I don't mean to harsh on you for this comment; it's quite a widespread belief.
But cars rapidly surpassed human (or even cheetah) capabilities in running,
and ordinary algorithms rapidly surpassed human capabilities in calculating
trajectories, summing up columns of numbers or drawing rectangles.

The same moral panic we see today has been repeated over and over for those
technologies.

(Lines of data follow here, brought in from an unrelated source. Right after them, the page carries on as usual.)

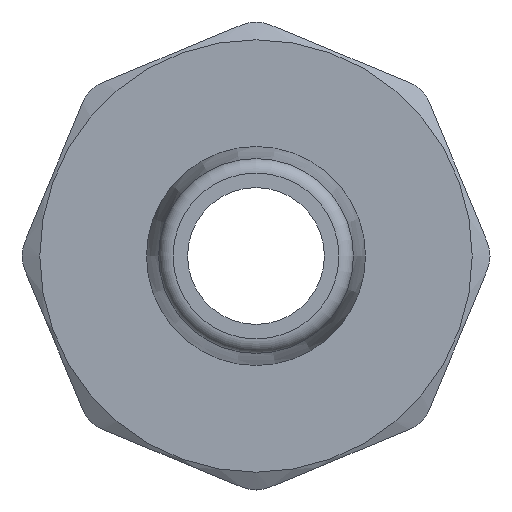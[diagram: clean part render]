
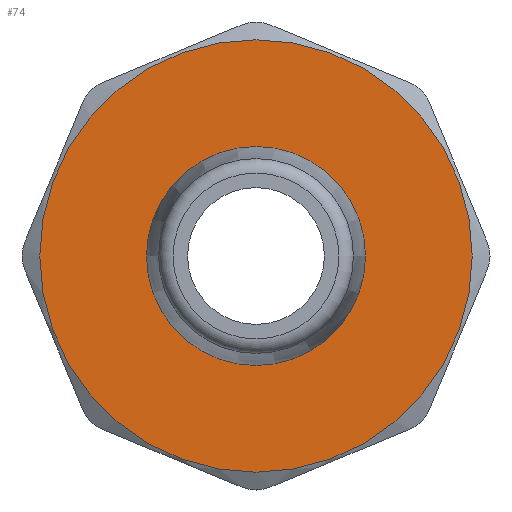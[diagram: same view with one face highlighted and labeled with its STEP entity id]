
A CAD part, front view. The second image highlights one B-rep face of the part: STEP entity #74.
In plain terms, the highlighted planar face has unit normal (0, -1, 0).
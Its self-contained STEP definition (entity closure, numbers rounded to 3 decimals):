
#74=ADVANCED_FACE('',(#319,#321),#323,.F.);
#319=FACE_BOUND('',#320,.T.);
#320=EDGE_LOOP('',(#510));
#321=FACE_BOUND('',#322,.T.);
#322=EDGE_LOOP('',(#511));
#323=PLANE('',#324);
#324=AXIS2_PLACEMENT_3D('',#325,#326,#327);
#325=CARTESIAN_POINT('',(0.,-15.,0.));
#326=DIRECTION('',(0.,1.,0.));
#327=DIRECTION('',(-1.,0.,0.));
#510=ORIENTED_EDGE('',*,*,#587,.T.);
#511=ORIENTED_EDGE('',*,*,#589,.F.);
#587=EDGE_CURVE('',#705,#705,#706,.F.);
#589=EDGE_CURVE('',#709,#709,#710,.T.);
#705=VERTEX_POINT('',#1960);
#706=CIRCLE('',#1961,11.85);
#709=VERTEX_POINT('',#1970);
#710=CIRCLE('',#1971,6.);
#1960=CARTESIAN_POINT('',(11.85,-15.,0.));
#1961=AXIS2_PLACEMENT_3D('',#1962,#1963,#1964);
#1962=CARTESIAN_POINT('',(0.,-15.,0.));
#1963=DIRECTION('',(0.,1.,0.));
#1964=DIRECTION('',(1.,0.,0.));
#1970=CARTESIAN_POINT('',(-6.,-15.,0.));
#1971=AXIS2_PLACEMENT_3D('',#1972,#1973,#1974);
#1972=CARTESIAN_POINT('',(0.,-15.,0.));
#1973=DIRECTION('',(0.,-1.,0.));
#1974=DIRECTION('',(-1.,0.,0.));

Are there issues, sure, but don't be faked out by the bogus use
of "intelligence" for RNNs.

------
kennyloginNTH
>This socalled winner-take-most dynamic, or 80/20 rule (in which 20 percent of
participants reap 80 percent of the gains) appears to be a structural feature
of network-based activity because well-positioned business players are able to
realize most of the productivity gains that materialize as economic
“frictions” are radically reduced at an extremely rapid rate. This is
displacing middle-class jobs at an accelerated rate, leaving people reeling
from the pace of change and government scrambling to solve market disruptions
using archaic policy architectures.

I would really like some input from someone with familiarity in the field of
economics to vet this statement.

>In the report, Kim Taipale, Founder and Executive Director of the Stilwell
Center for Advanced Studies, said that the paradoxical result of network
effects is that “freedom results in inequality. That is, the more freedom
there is in a system, the more unequal the outcomes.” This stems in part from
the self-reinforcing benefits that accrue to the “super-nodes” of a network, a
phenomenon sometimes called “preferential attachment.” Players that function
as super-nodes capture a far disproportionate share of rewards relative to
their effort, while hard-working smaller players and individuals find it very
difficult (for structural reasons) to increase their share of benefits.
Because of this dynamic, said Taipale, “The era of bell curve distributions
that sup-ported a bulging social middle class is over, and we are headed for
the power-law distribution of economic opportunities. Education per se is not
going to make up the difference.”

Will the middle class in a wealthy economy ever be viable when so few control
decisions?